[Try it] Begin with the line that contains "#132949=CARTESIAN_POINT('',(0.63818,-0.76109,-0.03226));" and transcribe each line after it, up to and including the last line of the listing below.

[Data under study]

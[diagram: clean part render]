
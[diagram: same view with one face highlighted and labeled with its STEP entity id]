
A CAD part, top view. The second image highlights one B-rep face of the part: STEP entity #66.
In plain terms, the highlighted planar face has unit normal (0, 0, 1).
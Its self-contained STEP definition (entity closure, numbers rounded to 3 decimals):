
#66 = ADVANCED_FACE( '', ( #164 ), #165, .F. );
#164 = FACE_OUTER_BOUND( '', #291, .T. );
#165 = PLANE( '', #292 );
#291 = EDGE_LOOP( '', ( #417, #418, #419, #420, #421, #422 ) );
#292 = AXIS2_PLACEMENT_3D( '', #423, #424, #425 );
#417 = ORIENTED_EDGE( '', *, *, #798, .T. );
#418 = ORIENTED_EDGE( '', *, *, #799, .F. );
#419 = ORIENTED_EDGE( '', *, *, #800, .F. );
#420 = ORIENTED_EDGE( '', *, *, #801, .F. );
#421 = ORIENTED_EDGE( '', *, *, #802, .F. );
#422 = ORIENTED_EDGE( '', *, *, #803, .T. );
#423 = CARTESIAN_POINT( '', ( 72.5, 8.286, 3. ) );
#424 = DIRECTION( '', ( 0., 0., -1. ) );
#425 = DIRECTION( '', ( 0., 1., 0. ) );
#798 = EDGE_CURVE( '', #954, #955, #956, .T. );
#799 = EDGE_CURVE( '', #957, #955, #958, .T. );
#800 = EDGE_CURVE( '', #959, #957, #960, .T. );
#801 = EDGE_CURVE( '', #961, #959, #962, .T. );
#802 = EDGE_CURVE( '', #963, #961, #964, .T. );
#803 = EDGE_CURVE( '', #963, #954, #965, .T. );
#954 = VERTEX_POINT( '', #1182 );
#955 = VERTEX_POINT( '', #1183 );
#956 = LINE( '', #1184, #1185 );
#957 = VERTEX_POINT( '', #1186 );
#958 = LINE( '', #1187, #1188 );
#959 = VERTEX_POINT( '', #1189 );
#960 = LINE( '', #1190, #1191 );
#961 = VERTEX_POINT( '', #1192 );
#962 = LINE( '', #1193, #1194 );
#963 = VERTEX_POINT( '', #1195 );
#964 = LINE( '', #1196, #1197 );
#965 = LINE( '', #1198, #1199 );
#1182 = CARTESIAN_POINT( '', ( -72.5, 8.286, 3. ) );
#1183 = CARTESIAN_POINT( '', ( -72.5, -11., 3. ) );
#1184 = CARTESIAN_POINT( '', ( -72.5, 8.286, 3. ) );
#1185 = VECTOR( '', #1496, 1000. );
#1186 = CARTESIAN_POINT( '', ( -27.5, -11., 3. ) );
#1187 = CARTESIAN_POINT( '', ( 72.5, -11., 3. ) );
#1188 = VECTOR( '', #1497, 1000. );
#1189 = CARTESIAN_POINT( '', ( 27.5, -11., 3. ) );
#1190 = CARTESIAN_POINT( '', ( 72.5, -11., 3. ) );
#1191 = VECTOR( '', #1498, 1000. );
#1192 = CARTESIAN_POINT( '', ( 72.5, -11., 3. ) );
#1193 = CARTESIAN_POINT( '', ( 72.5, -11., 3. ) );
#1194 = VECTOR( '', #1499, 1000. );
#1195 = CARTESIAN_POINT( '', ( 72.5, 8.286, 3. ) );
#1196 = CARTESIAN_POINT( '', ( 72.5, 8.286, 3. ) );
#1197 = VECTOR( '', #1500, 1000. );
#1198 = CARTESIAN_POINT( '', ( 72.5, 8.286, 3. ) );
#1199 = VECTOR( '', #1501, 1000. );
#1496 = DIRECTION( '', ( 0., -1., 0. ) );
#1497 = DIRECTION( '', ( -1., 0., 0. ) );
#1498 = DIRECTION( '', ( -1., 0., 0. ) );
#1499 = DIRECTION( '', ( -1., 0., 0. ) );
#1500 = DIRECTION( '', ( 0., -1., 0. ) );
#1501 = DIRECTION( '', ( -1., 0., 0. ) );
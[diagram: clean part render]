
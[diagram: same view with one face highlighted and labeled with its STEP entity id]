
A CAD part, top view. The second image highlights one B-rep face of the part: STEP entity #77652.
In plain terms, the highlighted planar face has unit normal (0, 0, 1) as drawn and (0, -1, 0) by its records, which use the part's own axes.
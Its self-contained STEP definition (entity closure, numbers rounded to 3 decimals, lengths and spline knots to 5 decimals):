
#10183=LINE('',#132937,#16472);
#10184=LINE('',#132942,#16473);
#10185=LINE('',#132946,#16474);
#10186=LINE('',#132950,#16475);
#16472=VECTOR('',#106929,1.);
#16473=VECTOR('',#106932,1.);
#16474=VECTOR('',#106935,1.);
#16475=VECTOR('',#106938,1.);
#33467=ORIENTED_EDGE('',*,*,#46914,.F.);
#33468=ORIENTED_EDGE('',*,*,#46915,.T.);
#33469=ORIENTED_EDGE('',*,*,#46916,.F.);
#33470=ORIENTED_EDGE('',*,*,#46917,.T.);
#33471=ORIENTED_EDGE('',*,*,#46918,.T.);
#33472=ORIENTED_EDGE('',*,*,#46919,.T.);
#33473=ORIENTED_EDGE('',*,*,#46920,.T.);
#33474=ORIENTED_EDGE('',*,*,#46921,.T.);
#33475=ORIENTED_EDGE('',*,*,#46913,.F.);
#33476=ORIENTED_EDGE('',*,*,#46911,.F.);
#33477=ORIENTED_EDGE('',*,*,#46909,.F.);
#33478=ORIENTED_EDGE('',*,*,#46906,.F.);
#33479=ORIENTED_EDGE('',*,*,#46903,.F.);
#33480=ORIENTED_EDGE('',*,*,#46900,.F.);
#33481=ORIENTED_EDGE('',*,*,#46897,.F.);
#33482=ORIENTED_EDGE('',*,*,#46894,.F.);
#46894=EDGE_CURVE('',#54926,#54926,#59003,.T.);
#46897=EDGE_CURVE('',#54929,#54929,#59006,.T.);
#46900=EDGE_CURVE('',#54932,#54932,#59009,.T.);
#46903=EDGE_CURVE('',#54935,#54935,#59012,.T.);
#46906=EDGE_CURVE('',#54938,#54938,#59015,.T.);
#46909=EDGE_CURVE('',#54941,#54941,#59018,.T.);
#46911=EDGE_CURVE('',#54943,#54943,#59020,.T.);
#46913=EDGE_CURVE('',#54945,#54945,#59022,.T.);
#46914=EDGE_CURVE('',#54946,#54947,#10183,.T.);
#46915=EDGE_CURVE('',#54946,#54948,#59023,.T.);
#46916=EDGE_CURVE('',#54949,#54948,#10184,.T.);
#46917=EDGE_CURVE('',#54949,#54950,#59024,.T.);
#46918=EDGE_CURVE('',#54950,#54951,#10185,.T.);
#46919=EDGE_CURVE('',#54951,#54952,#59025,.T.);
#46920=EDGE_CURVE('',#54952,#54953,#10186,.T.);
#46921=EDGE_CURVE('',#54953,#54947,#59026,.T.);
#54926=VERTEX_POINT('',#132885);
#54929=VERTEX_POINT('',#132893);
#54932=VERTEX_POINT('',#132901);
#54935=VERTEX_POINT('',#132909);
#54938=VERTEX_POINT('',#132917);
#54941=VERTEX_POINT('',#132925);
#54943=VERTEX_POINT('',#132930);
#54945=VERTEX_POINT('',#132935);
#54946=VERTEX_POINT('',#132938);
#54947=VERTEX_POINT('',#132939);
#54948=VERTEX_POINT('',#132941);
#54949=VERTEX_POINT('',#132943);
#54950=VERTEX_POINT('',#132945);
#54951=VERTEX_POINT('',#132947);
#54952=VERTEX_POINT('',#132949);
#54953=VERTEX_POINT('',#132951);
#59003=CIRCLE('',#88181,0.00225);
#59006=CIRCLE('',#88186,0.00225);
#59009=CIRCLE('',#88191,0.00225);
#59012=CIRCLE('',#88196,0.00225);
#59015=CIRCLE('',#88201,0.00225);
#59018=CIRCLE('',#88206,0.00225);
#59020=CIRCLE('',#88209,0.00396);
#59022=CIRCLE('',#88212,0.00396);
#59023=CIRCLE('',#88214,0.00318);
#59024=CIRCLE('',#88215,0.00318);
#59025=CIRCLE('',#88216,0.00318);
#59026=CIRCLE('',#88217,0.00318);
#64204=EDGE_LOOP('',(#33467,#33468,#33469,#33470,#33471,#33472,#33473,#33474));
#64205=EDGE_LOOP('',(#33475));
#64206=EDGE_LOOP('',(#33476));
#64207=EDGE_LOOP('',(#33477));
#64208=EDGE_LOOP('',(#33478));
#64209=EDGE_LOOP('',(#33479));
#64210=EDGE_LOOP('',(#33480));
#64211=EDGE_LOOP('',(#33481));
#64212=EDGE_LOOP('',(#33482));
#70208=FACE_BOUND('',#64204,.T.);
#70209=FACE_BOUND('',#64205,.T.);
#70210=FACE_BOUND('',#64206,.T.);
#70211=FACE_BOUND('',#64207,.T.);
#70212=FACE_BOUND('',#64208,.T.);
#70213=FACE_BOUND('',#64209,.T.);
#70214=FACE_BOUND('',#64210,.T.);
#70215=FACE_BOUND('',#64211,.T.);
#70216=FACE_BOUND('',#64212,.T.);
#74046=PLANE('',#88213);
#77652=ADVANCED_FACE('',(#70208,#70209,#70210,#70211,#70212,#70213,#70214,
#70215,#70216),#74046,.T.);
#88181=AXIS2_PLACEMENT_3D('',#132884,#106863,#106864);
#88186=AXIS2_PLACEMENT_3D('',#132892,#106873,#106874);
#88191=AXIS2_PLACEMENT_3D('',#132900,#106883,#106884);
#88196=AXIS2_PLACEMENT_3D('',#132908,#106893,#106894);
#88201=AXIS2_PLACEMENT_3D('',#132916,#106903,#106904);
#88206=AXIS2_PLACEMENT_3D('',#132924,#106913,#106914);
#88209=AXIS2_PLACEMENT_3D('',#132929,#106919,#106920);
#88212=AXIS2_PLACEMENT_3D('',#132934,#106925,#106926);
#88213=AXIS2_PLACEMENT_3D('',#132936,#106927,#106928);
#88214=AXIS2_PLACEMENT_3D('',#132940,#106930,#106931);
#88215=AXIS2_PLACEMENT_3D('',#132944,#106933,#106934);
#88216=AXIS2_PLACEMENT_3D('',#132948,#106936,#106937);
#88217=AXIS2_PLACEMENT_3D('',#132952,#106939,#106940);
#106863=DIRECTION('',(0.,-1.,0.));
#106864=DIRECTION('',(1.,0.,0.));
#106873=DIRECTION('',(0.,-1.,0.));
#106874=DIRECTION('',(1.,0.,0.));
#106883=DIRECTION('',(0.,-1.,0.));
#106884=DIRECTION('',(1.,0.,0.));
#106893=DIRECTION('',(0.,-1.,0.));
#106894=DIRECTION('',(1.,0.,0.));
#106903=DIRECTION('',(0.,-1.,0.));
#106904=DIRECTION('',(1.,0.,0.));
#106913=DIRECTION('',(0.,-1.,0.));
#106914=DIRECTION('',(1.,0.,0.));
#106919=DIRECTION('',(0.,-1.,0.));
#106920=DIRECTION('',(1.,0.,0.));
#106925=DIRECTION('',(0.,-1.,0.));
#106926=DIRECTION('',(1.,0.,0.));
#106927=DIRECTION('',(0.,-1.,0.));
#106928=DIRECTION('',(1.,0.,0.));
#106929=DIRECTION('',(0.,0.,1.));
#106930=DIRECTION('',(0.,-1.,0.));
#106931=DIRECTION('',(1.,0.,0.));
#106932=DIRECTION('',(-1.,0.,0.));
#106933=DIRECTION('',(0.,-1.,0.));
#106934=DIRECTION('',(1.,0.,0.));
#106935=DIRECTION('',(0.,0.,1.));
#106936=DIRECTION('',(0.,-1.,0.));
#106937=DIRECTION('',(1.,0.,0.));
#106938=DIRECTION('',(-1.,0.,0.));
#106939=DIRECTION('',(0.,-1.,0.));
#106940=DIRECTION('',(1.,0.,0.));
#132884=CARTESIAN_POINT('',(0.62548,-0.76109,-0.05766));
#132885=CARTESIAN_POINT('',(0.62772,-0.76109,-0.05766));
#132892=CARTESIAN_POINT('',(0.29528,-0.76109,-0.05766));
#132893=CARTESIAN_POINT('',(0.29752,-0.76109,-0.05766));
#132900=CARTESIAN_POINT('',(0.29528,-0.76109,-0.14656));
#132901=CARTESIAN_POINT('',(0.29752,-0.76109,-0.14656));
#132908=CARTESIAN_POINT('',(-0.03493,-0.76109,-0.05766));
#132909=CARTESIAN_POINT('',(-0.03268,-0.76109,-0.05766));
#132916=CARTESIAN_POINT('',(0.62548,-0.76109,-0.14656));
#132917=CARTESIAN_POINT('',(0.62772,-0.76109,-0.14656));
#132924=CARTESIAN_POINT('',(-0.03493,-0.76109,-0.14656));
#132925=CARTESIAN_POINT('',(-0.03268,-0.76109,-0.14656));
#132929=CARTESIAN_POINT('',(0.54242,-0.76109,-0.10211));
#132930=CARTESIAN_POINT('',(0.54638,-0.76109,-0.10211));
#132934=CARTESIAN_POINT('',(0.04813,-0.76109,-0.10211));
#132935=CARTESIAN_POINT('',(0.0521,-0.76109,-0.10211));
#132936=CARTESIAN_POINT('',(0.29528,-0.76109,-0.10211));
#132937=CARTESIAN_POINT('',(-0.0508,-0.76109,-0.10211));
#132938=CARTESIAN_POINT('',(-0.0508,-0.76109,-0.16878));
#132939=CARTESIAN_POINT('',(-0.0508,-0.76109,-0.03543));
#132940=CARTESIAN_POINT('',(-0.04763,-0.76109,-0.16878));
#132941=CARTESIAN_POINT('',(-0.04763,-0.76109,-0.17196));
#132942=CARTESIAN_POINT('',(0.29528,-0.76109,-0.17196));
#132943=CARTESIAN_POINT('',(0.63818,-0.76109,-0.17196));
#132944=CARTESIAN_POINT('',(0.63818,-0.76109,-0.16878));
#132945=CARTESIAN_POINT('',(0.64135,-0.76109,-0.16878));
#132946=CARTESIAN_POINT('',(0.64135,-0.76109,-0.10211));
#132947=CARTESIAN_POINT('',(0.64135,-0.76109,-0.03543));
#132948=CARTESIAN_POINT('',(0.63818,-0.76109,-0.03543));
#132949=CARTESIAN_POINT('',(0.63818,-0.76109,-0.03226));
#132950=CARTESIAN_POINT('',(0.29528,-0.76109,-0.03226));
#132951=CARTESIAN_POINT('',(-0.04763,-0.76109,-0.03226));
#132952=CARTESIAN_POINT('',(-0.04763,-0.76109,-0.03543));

[Response below]
#132949=CARTESIAN_POINT('',(0.63818,-0.76109,-0.03226));
#132950=CARTESIAN_POINT('',(0.29528,-0.76109,-0.03226));
#132951=CARTESIAN_POINT('',(-0.04763,-0.76109,-0.03226));
#132952=CARTESIAN_POINT('',(-0.04763,-0.76109,-0.03543));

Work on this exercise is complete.